# The Monday after the Superbowl should be a national holiday



## W00K #17 (Jan 4, 2019)

So as usual I've already requested a vacation day for the Monday following Superbowl Sunday.

I'm tired of having to request the time off every year. This is America, and the Superbowl is more American than fucking Christmas. Superbowl Monday AKA national hangover day/shit out the buffalo wings day should be a formal national holiday. Tons of $$$ are lost in productivity every year on this day, might as well be formal about it.


----------



## Rand /pol/ (Jan 4, 2019)

Maybe


----------



## Red Hood (Jan 4, 2019)

No. You need to get your broke hungover ass back to work to cover what you gambled away betting on the Toilet Bowl.


----------



## Tackleberry (Jan 4, 2019)

Your poll choices should be "Yes" and "I'm a Faggot"


----------



## DragoonSierra (Jan 7, 2019)

And yet NFL attendance is down


----------



## TiggerNits (Jan 8, 2019)

Depends on who's in it. If it's the teams from LA, New England, Pittsburgh or Dallas, I can excuse people saying "Who fucking cares" and jerking off to internet porn instead


----------



## RumblyTumbly (Jan 11, 2019)

Even if you don't like football, are you going to turn down a day off?


----------



## IAmNotAlpharius (Jan 23, 2019)

I’d sign that petition.


----------



## UnKillShredDur (Jan 30, 2019)

Football is pointless and should be canceled.


----------



## Corbin Dallas Multipass (Jan 31, 2019)

UnKillFill said:


> Football is pointless and should be canceled.

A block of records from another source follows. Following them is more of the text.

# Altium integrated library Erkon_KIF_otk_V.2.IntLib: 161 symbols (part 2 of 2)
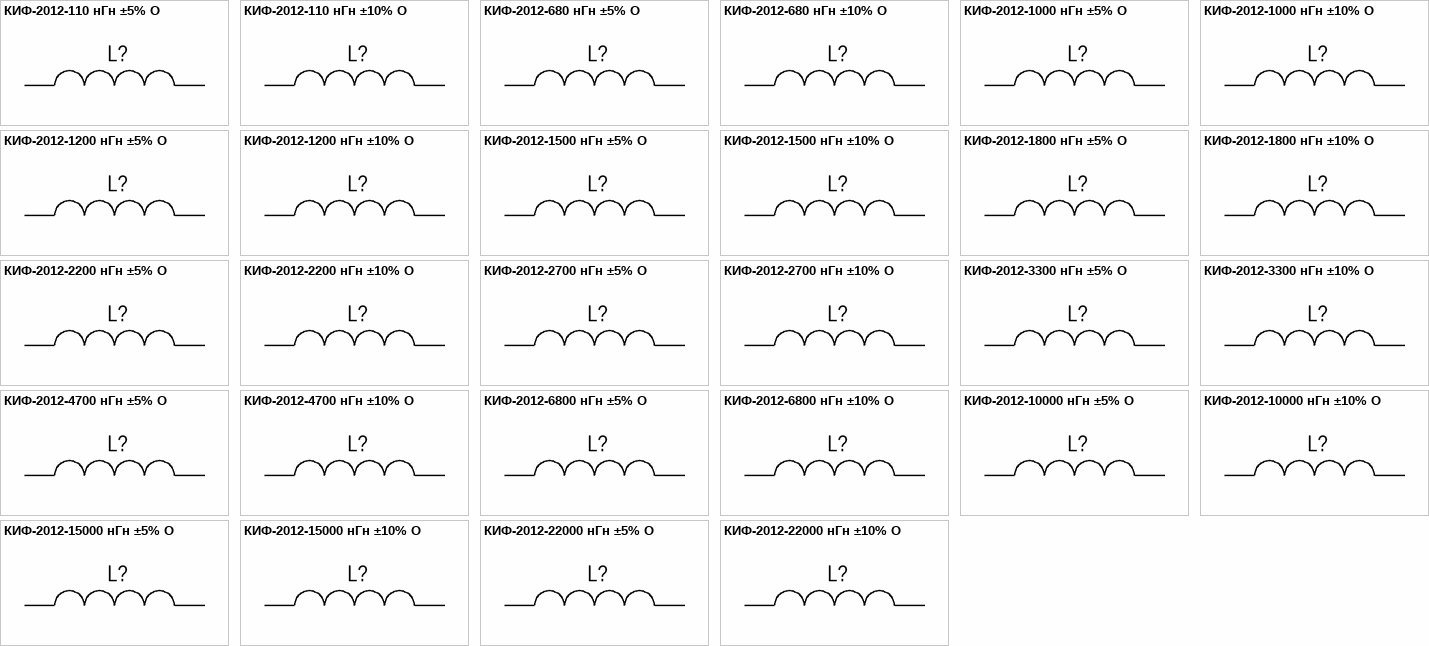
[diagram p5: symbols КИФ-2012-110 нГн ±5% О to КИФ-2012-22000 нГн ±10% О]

## КИФ-2012-1800 нГн ±5% О
designator L?, comment 1800 нГн ±5%  (value not drawn)
Катушка индуктивности с ферритовым сердечником; Добротность, не менее: 13; Резонансная частота, не менее: 0,3 ГГц; Сопротивление обмотки постоянноми току, не более: 1.2 Ом; Допустимый ток обмотки: 370 мА; Диапазон рабочих температур: от -60 до +125 ℃; Упаковка: Катушка и лента; Типоразмер: 2012 (0805); Технология монтажа: SMT; Изготовитель: АО "НПО "ЭРКОН"
footprint КИФ-2012-O (Катушка индуктивности с ферритовым сердечником типоразмер 2012(0805))
pins: 1, 2

## КИФ-2012-1800 нГн ±10% О
designator L?, comment 1800 нГн ±10%  (value not drawn)
Катушка индуктивности с ферритовым сердечником; Добротность, не менее: 13; Резонансная частота, не менее: 0.3 ГГц; Сопротивление обмотки постоянноми току, не более: 1.2 Ом; Допустимый ток обмотки: 370 мА; Диапазон рабочих температур: от -60 до +125 ℃; Упаковка: Катушка и лента; Типоразмер: 2012 (0805); Технология монтажа: SMT; Изготовитель: АО "НПО "ЭРКОН"
footprint КИФ-2012-O (Катушка индуктивности с ферритовым сердечником типоразмер 2012(0805))
pins: 1, 2

## КИФ-2012-2200 нГн ±5% О
designator L?, comment 2200 нГн ±5%  (value not drawn)
Катушка индуктивности с ферритовым сердечником; Добротность, не менее: 13; Резонансная частота, не менее: 0.105 ГГц; Сопротивление обмотки постоянноми току, не более: 1.47 Ом; Допустимый ток обмотки: 350 мА; Диапазон рабочих температур: от -60 до +125 ℃; Упаковка: Катушка и лента; Типоразмер: 2012 (0805); Технология монтажа: SMT; Изготовитель: АО "НПО "ЭРКОН"
footprint КИФ-2012-O (Катушка индуктивности с ферритовым сердечником типоразмер 2012(0805))
pins: 1, 2

## КИФ-2012-2200 нГн ±10% О
designator L?, comment 2200 нГн ±10%  (value not drawn)
Катушка индуктивности с ферритовым сердечником; Добротность, не менее: 13; Резонансная частота, не менее: 0.105 ГГц; Сопротивление обмотки постоянноми току, не более: 1.47 Ом; Допустимый ток обмотки: 350 мА; Диапазон рабочих температур: от -60 до +125 ℃; Упаковка: Катушка и лента; Типоразмер: 2012 (0805); Технология монтажа: SMT; Изготовитель: АО "НПО "ЭРКОН"
footprint КИФ-2012-O (Катушка индуктивности с ферритовым сердечником типоразмер 2012(0805))
pins: 1, 2

## КИФ-2012-2700 нГн ±5% О
designator L?, comment 2700 нГн ±5%  (value not drawn)
Катушка индуктивности с ферритовым сердечником; Добротность, не менее: 13; Резонансная частота, не менее: 0.10 ГГц; Сопротивление обмотки постоянноми току, не более: 1.7 Ом; Допустимый ток обмотки: 320 мА; Диапазон рабочих температур: от -60 до +125 ℃; Упаковка: Катушка и лента; Типоразмер: 2012 (0805); Технология монтажа: SMT; Изготовитель: АО "НПО "ЭРКОН"
footprint КИФ-2012-O (Катушка индуктивности с ферритовым сердечником типоразмер 2012(0805))
pins: 1, 2

## КИФ-2012-2700 нГн ±10% О
designator L?, comment 2700 нГн ±10%  (value not drawn)
Катушка индуктивности с ферритовым сердечником; Добротность, не менее: 13; Резонансная частота, не менее: 0.10 ГГц; Сопротивление обмотки постоянноми току, не более: 1.7 Ом; Допустимый ток обмотки: 320 мА; Диапазон рабочих температур: от -60 до +125 ℃; Упаковка: Катушка и лента; Типоразмер: 2012 (0805); Технология монтажа: SMT; Изготовитель: АО "НПО "ЭРКОН"
footprint КИФ-2012-O (Катушка индуктивности с ферритовым сердечником типоразмер 2012(0805))
pins: 1, 2

## КИФ-2012-3300 нГн ±5% О
designator L?, comment 3300 нГн ±5%  (value not drawn)
Катушка индуктивности с ферритовым сердечником; Добротность, не менее: 13; Резонансная частота, не менее: 0.085 ГГц; Сопротивление обмотки постоянноми току, не более: 1.8 Ом; Допустимый ток обмотки: 330 мА; Диапазон рабочих температур: от -60 до +125 ℃; Упаковка: Катушка и лента; Типоразмер: 2012 (0805); Технология монтажа: SMT; Изготовитель: АО "НПО "ЭРКОН"
footprint КИФ-2012-O (Катушка индуктивности с ферритовым сердечником типоразмер 2012(0805))
pins: 1, 2

## КИФ-2012-3300 нГн ±10% О
designator L?, comment 3300 нГн ±10%  (value not drawn)
Катушка индуктивности с ферритовым сердечником; Добротность, не менее: 13; Резонансная частота, не менее: 0.085 ГГц; Сопротивление обмотки постоянноми току, не более: 1.8 Ом; Допустимый ток обмотки: 330 мА; Диапазон рабочих температур: от -60 до +125 ℃; Упаковка: Катушка и лента; Типоразмер: 2012 (0805); Технология монтажа: SMT; Изготовитель: АО "НПО "ЭРКОН"
footprint КИФ-2012-O (Катушка индуктивности с ферритовым сердечником типоразмер 2012(0805))
pins: 1, 2

## КИФ-2012-4700 нГн ±5% О
designator L?, comment 4700 нГн ±5%  (value not drawn)
Катушка индуктивности с ферритовым сердечником; Добротность, не менее: 13; Резонансная частота, не менее: 0.055 ГГц; Сопротивление обмотки постоянноми току, не более: 2.2 Ом; Допустимый ток обмотки: 280 мА; Диапазон рабочих температур: от -60 до +125 ℃; Упаковка: Катушка и лента; Типоразмер: 2012 (0805); Технология монтажа: SMT; Изготовитель: АО "НПО "ЭРКОН"
footprint КИФ-2012-O (Катушка индуктивности с ферритовым сердечником типоразмер 2012(0805))
pins: 1, 2

## КИФ-2012-4700 нГн ±10% О
designator L?, comment 4700 нГн ±10%  (value not drawn)
Катушка индуктивности с ферритовым сердечником; Добротность, не менее: 13; Резонансная частота, не менее: 0.055 ГГц; Сопротивление обмотки постоянноми току, не более: 2.2 Ом; Допустимый ток обмотки: 280 мА; Диапазон рабочих температур: от -60 до +125 ℃; Упаковка: Катушка и лента; Типоразмер: 2012 (0805); Технология монтажа: SMT; Изготовитель: АО "НПО "ЭРКОН"
footprint КИФ-2012-O (Катушка индуктивности с ферритовым сердечником типоразмер 2012(0805))
pins: 1, 2

## КИФ-2012-6800 нГн ±5% О
designator L?, comment 6800 нГн ±5%  (value not drawn)
Катушка индуктивности с ферритовым сердечником; Добротность, не менее: 13; Резонансная частота, не менее: 0.035 ГГц; Сопротивление обмотки постоянноми току, не более: 2.8 Ом; Допустимый ток обмотки: 240 мА; Диапазон рабочих температур: от -60 до +125 ℃; Упаковка: Катушка и лента; Типоразмер: 2012 (0805); Технология монтажа: SMT; Изготовитель: АО "НПО "ЭРКОН"
footprint КИФ-2012-O (Катушка индуктивности с ферритовым сердечником типоразмер 2012(0805))
pins: 1, 2

## КИФ-2012-6800 нГн ±10% О
designator L?, comment 6800 нГн ±10%  (value not drawn)
Катушка индуктивности с ферритовым сердечником; Добротность, не менее: 13; Резонансная частота, не менее: 0.035 ГГц; Сопротивление обмотки постоянноми току, не более: 2.8 Ом; Допустимый ток обмотки: 240 мА; Диапазон рабочих температур: от -60 до +125 ℃; Упаковка: Катушка и лента; Типоразмер: 2012 (0805); Технология монтажа: SMT; Изготовитель: АО "НПО "ЭРКОН"
footprint КИФ-2012-O (Катушка индуктивности с ферритовым сердечником типоразмер 2012(0805))
pins: 1, 2

## КИФ-2012-10000 нГн ±5% О
designator L?, comment 10000 нГн ±5%  (value not drawn)
Катушка индуктивности с ферритовым сердечником; Добротность, не менее: 13; Резонансная частота, не менее: 0.019 ГГц; Сопротивление обмотки постоянноми току, не более: 3.3 Ом; Допустимый ток обмотки: 230 мА; Диапазон рабочих температур: от -60 до +125 ℃; Упаковка: Катушка и лента; Типоразмер: 2012 (0805); Технология монтажа: SMT; Изготовитель: АО "НПО "ЭРКОН"
footprint КИФ-2012-O (Катушка индуктивности с ферритовым сердечником типоразмер 2012(0805))
pins: 1, 2

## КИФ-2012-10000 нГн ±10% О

I'll assume you're european, in which case, yes, the sport you call football is entirely pointless, except to make the FIFA cartel lots and lots of money.

In the US, it does well on its own as a capitalist enterprise, it doesn't function through 3rd world country government corruption.


----------



## UnKillShredDur (Jan 31, 2019)

Corbin Dallas Multipass said:


> I'll assume you're european.


Gonna stop you right there.


----------



## Corbin Dallas Multipass (Jan 31, 2019)

UnKillFill said:


> Gonna stop you right there.


You were way too late, you European soccer loving son of a biscuit eater.


----------



## UnKillShredDur (Jan 31, 2019)

Corbin Dallas Multipass said:


> You were way too late, you European soccer loving son of a biscuit eater.


Soccer is pointless too.


----------



## Ughubughughughughughghlug (Feb 4, 2020)

I had to take a quiz today and I am PISSED AS HELL about it. Monday should definitely be a holiday. I don't give a shit about Jesus-Crucifixion Day or King Nigger Day, nor does most of the country. Super Bowl is an actual event everybody cares about.


----------



## Honka Honka Burning Love (Feb 9, 2020)

Fuck that, just because you are too much of an alcoholic to not get shitfaced the night before work that is a you problem not a government fix problem.


----------